◆ **Task requirements**:
I'd like an exact copy of every line from the start of the entries below through the line containing "#940=CARTESIAN_POINT('',(-24.702,11.42,3.6));", please.

* * *

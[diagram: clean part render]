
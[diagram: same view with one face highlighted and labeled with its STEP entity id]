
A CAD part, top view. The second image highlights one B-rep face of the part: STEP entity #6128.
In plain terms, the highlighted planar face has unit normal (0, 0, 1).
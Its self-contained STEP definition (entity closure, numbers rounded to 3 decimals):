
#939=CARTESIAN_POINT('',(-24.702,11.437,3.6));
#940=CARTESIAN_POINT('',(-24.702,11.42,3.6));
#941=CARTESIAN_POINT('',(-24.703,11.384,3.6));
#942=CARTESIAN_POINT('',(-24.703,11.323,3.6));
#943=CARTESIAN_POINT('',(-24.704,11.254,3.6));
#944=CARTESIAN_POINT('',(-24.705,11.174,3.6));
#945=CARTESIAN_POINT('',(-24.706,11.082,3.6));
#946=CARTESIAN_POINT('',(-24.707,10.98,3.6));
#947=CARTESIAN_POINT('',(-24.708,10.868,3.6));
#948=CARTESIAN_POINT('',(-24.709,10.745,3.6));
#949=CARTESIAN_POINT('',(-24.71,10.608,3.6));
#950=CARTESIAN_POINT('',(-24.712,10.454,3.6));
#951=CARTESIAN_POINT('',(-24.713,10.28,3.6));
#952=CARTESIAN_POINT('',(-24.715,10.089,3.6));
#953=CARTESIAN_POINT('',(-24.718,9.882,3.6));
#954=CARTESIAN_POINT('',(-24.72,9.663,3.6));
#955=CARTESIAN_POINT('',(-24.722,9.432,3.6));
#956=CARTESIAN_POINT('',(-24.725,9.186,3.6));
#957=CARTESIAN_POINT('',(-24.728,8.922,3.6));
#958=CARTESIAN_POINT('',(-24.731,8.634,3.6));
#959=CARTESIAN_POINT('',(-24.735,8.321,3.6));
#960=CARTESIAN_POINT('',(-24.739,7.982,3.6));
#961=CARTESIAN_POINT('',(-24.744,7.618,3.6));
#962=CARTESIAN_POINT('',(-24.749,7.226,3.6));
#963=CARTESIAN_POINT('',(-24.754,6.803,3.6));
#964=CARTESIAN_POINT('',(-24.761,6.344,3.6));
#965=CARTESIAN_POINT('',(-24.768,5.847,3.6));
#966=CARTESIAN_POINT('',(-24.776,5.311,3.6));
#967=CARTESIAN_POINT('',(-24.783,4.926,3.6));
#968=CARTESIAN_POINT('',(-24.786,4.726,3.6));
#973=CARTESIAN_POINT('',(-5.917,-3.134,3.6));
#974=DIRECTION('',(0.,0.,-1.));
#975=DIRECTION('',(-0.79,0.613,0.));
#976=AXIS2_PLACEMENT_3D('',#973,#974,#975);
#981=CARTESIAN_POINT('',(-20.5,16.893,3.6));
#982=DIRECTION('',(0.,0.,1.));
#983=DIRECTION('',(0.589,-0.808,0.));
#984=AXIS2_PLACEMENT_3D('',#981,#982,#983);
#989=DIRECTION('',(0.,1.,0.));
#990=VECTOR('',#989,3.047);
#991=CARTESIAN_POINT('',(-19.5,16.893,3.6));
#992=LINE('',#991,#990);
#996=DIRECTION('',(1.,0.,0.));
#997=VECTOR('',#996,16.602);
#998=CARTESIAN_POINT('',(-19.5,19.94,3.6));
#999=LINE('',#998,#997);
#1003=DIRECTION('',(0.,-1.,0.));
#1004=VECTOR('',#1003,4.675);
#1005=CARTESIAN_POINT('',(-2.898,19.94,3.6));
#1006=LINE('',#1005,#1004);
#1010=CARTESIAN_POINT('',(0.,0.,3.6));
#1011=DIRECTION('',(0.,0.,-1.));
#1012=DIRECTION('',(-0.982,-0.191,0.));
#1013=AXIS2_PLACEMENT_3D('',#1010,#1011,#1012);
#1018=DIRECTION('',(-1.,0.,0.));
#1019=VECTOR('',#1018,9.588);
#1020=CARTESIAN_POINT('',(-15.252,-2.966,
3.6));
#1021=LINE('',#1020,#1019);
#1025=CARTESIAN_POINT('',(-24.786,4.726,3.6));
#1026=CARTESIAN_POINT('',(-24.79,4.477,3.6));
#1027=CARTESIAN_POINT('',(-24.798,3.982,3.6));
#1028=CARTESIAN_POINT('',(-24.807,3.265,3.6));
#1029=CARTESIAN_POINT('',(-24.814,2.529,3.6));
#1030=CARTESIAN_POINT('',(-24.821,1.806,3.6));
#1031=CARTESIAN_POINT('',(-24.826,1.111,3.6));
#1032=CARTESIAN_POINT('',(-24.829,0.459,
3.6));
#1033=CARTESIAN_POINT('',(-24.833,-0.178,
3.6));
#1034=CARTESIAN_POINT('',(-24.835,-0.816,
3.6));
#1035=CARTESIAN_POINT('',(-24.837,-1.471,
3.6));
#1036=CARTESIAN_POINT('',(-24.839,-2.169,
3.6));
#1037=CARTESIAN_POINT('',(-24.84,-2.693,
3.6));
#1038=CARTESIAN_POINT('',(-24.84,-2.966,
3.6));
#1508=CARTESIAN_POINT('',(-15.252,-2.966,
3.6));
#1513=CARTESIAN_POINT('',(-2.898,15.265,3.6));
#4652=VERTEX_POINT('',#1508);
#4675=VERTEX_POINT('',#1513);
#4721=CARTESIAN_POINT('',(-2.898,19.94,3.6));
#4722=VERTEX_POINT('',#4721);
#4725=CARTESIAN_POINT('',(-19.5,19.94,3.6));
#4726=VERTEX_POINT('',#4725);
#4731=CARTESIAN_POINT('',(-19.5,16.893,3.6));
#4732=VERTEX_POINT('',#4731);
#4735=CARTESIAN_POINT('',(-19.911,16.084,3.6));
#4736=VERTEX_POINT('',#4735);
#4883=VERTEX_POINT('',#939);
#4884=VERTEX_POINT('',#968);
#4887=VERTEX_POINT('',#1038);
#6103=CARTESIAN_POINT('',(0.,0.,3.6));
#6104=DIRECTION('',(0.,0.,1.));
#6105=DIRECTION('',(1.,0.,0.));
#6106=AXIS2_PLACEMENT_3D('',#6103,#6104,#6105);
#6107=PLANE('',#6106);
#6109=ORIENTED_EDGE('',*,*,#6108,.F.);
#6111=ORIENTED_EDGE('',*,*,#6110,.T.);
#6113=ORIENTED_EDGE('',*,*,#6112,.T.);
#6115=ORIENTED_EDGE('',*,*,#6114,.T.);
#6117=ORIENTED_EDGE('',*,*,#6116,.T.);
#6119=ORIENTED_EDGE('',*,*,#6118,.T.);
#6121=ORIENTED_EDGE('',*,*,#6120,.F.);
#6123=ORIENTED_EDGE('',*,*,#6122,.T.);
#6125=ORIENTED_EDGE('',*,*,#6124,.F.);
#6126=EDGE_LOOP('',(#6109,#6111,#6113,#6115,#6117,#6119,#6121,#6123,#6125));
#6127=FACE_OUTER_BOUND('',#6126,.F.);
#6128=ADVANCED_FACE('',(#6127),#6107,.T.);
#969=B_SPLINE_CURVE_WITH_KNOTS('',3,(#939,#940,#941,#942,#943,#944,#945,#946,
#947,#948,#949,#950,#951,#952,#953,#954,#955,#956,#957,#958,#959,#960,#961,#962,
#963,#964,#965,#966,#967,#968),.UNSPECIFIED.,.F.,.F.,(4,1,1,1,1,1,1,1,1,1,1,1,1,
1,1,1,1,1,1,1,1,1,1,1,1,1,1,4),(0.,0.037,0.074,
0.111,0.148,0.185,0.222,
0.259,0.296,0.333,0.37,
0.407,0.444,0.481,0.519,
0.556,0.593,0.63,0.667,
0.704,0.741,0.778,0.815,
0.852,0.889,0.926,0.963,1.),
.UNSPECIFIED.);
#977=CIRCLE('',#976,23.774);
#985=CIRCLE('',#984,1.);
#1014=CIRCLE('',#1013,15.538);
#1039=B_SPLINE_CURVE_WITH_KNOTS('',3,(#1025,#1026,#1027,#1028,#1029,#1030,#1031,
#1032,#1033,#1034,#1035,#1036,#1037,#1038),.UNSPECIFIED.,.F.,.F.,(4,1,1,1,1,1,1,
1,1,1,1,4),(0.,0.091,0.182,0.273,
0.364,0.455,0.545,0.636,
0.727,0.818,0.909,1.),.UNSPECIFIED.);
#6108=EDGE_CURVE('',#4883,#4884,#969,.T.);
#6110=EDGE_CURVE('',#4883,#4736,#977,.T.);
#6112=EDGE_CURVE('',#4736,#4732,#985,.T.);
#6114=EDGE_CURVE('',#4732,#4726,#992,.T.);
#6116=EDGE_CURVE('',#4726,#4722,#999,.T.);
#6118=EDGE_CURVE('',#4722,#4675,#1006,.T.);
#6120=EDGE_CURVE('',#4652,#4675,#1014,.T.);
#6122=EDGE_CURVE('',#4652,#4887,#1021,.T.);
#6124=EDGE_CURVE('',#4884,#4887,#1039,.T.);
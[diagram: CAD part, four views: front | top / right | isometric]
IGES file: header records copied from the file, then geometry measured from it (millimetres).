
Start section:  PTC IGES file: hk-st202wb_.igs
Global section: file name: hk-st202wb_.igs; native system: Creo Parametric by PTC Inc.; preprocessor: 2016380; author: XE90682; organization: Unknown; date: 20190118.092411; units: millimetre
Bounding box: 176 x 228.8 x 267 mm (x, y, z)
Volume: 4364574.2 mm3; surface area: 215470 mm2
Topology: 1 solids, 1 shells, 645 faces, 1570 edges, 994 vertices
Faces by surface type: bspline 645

* * *

◆ **Answer section**:
[diagram: clean part render]
[diagram: same view with one face highlighted and labeled with its STEP entity id]
A CAD part, top view. The second image highlights one B-rep face of the part: STEP entity #6128.
In plain terms, the highlighted planar face has unit normal (0, 0, 1).
Its self-contained STEP definition (entity closure, numbers rounded to 3 decimals):
#939=CARTESIAN_POINT('',(-24.702,11.437,3.6));
#940=CARTESIAN_POINT('',(-24.702,11.42,3.6));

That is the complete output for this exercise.